Given that Mario.collide is calling a method on Block, is there some reason you can't have Block.createMushroom or Block.collide(thingHittingMe)? Does it need to be in update for some reason? An event makes more sense to me than an update loop for a context like this--the collision happens once at one moment and really only needs to fire off, "Hey, I've hit something!" to the interested parties (usually those involved in the collision). It's a lot cheaper than every few milliseconds, "Am I hit? Am I hit? Am I hit? I'm hit! Am I hit? Am I hit?"
I'm faulty of going that road too, very often. I have a post-it on my left screen (coding screen) that says exactly 'use events!' and it helps.
As for, is it acceptable in the industry: not really.
Does it happen?: All the time!
The thing is, no client (whether it be internal or external) will flat-out say that it's acceptable to code cheaply. They all want quality for cheap, but only some of them actually have realistic budgetary estimates.

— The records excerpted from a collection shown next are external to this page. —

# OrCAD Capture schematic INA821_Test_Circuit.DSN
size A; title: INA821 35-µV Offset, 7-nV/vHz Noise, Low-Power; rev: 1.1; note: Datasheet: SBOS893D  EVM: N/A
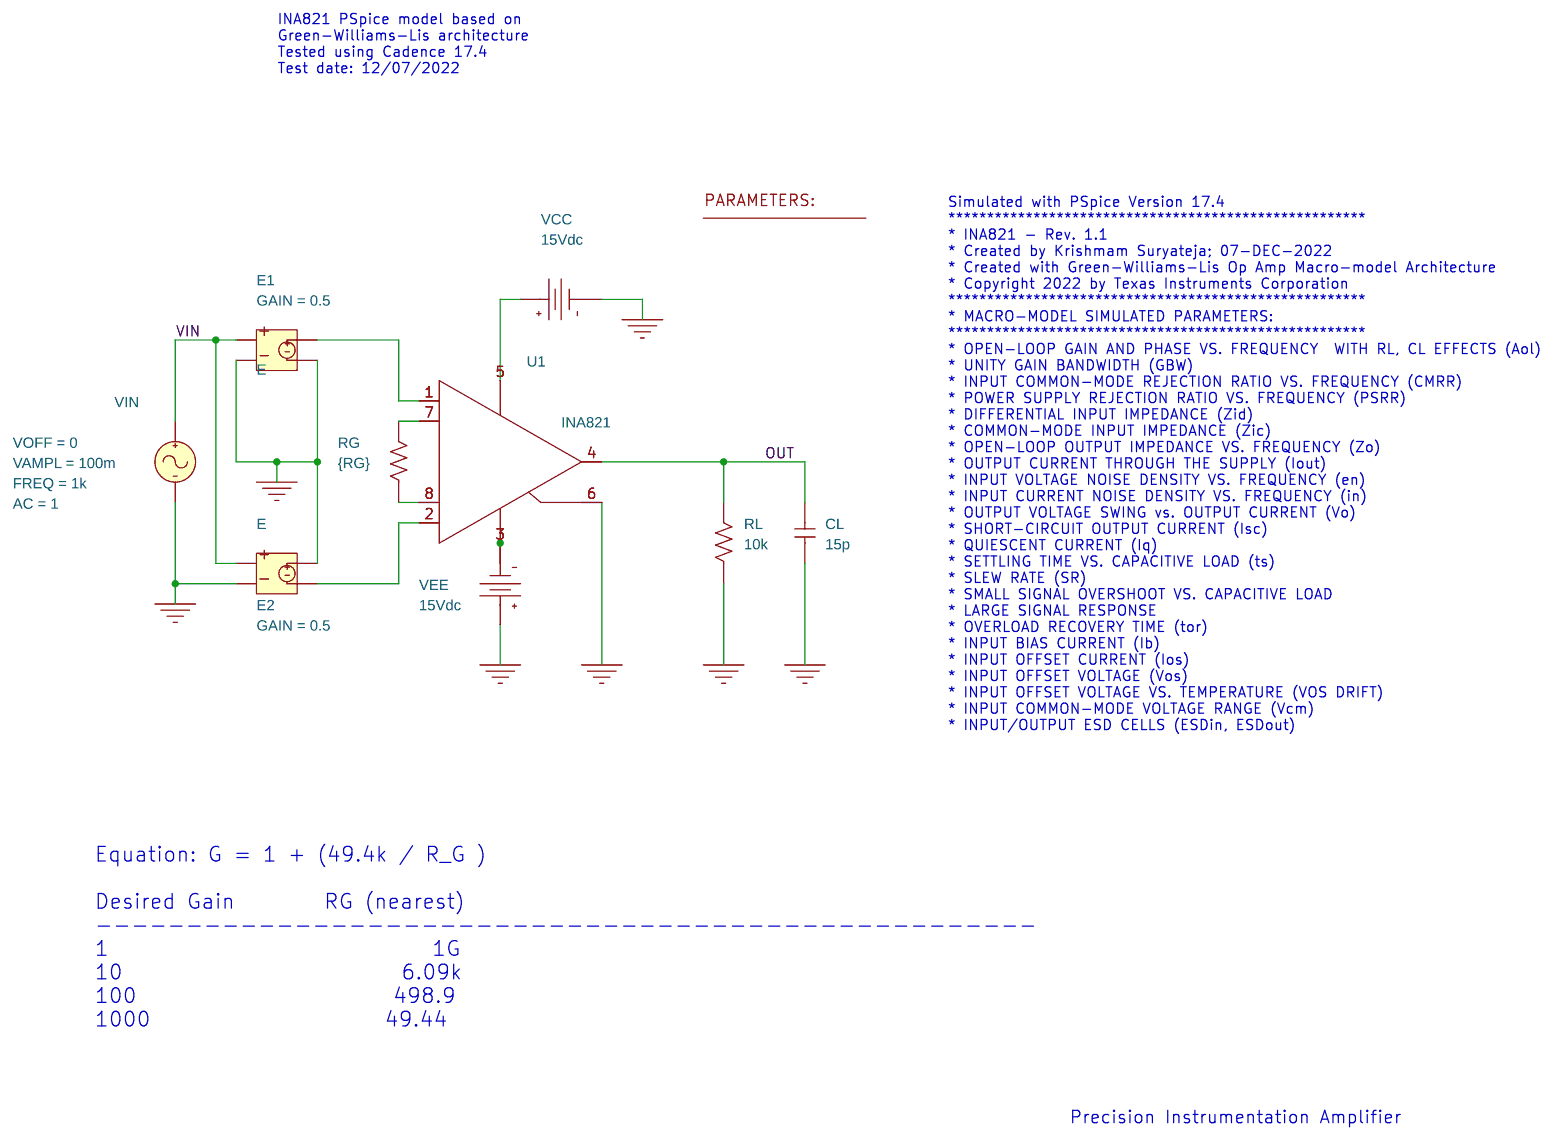
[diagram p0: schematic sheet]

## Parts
1  PARAM
CL  15p  [RAD/CK05]
E1  E
E2  E
RG  {RG}  [AX/RC05]
RL  10k  [AX/RC05]
U1  INA821
VCC  VDC
VEE  VDC
VIN  VSIN

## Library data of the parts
1 = PARAM: RG: 1G
CL = C
E1 E2 = E: GAIN: 0.5
RG RL = R
U1 = INA821
VCC VEE = VDC: DC: 15Vdc
VIN = VSIN: AC: 1; FREQ: 1k; VAMPL: 100m; VOFF: 0

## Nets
VIN: E1.1 E2.1 VIN.1(+)
0: CL.1 E1.2 E1.4 E2.2 E2.3 RL.1 U1.6(REF) VCC.1(-) VEE.0(+) VIN.2(-)
OUT: CL.2 RL.2 U1.4(OUT)
N11906: U1.5(V+) VCC.0(+)
N12164: E1.3 U1.1(+)
N12256: E2.4 U1.2(-)
N12274: RG.2 U1.7(RG+)
N12280: RG.1 U1.8(RG-)
N12296: U1.3(V-) VEE.1(-)

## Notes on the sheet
- INA821 PSpice model based on
  Green-Williams-Lis architecture
  Tested using Cadence 17.4
  Test date: 12/07/2022
- Simulated with PSpice Version 17.4
  ******************************************************
  * INA821 - Rev. 1.1
  * Created by Krishmam Suryateja; 07-DEC-2022
  * Created with Green-Williams-Lis Op Amp Macro-model Architecture
  * Copyright 2022 by Texas Instruments Corporation
  ******************************************************
  * MACRO-MODEL SIMULATED PARAMETERS:
  ******************************************************
  * OPEN-LOOP GAIN AND PHASE VS. FREQUENCY  WITH RL, CL EFFECTS (Aol)
  * UNITY GAIN BANDWIDTH (GBW)
  * INPUT COMMON-MODE REJECTION RATIO VS. FREQUENCY (CMRR)
  * POWER SUPPLY REJECTION RATIO VS. FREQUENCY (PSRR)
  * DIFFERENTIAL INPUT IMPEDANCE (Zid)
  * COMMON-MODE INPUT IMPEDANCE (Zic)
  * OPEN-LOOP OUTPUT IMPEDANCE VS. FREQUENCY (Zo)
  * OUTPUT CURRENT THROUGH THE SUPPLY (Iout)
  * INPUT VOLTAGE NOISE DENSITY VS. FREQUENCY (en)
  * INPUT CURRENT NOISE DENSITY VS. FREQUENCY (in)
  * OUTPUT VOLTAGE SWING vs. OUTPUT CURRENT (Vo)
  * SHORT-CIRCUIT OUTPUT CURRENT (Isc)
  * QUIESCENT CURRENT (Iq)
  * SETTLING TIME VS. CAPACITIVE LOAD (ts)
  * SLEW RATE (SR)
  * SMALL SIGNAL OVERSHOOT VS. CAPACITIVE LOAD
  * LARGE SIGNAL RESPONSE
  * OVERLOAD RECOVERY TIME (tor)
  * INPUT BIAS CURRENT (Ib)
  * INPUT OFFSET CURRENT (Ios)
  * INPUT OFFSET VOLTAGE (Vos)
  * INPUT OFFSET VOLTAGE VS. TEMPERATURE (VOS DRIFT)
  * INPUT COMMON-MODE VOLTAGE RANGE (Vcm)
  * INPUT/OUTPUT ESD CELLS (ESDin, ESDout)
- Equation: G = 1 + (49.4k / R_G )
  Desired Gain        RG (nearest)
  ----------------------------------------------------
  1                             1G
  10                         6.09k
  100                       498.9
  1000                     49.44
- Precision Instrumentation Amplifier

Then you need to account for the quantity of change of direction during production, how late it happens, etc.
These tend to lead to hacky code appearing in the codebase. The technical debt increases, and through escalation of commitment, it gets more and more ignored (and not refactored).
As an 'indie developer', I give myself a guideline that goes as follows:
Code 5 days.
Refactor 1 day.
Take 1 day off.
During the 5 days I develop, I try to make things as 'fast' as possible.
During the refactor day, I take all the things I've done and consider how to make it more efficient, cleaner, etc. I break longer functions into smaller ones, fix my encapsulation usage of local vars, etc.
No later than yesterday, I've fixed a problem exactly like yours (occurring in an onEnterFrame loop and using a hacky Boolean to make sure it happens only once). It was taxing my loop unnecessarily and I switched that to an actual Event.
Whether it ends up being acceptable or not, I think you should aim at being able to avoid it, so that when given the time, you are able to code cleanly. The idea is that, if you're not rushed early in dev, you'll be able to do a clean codebase and keep relatively the same velocity over time.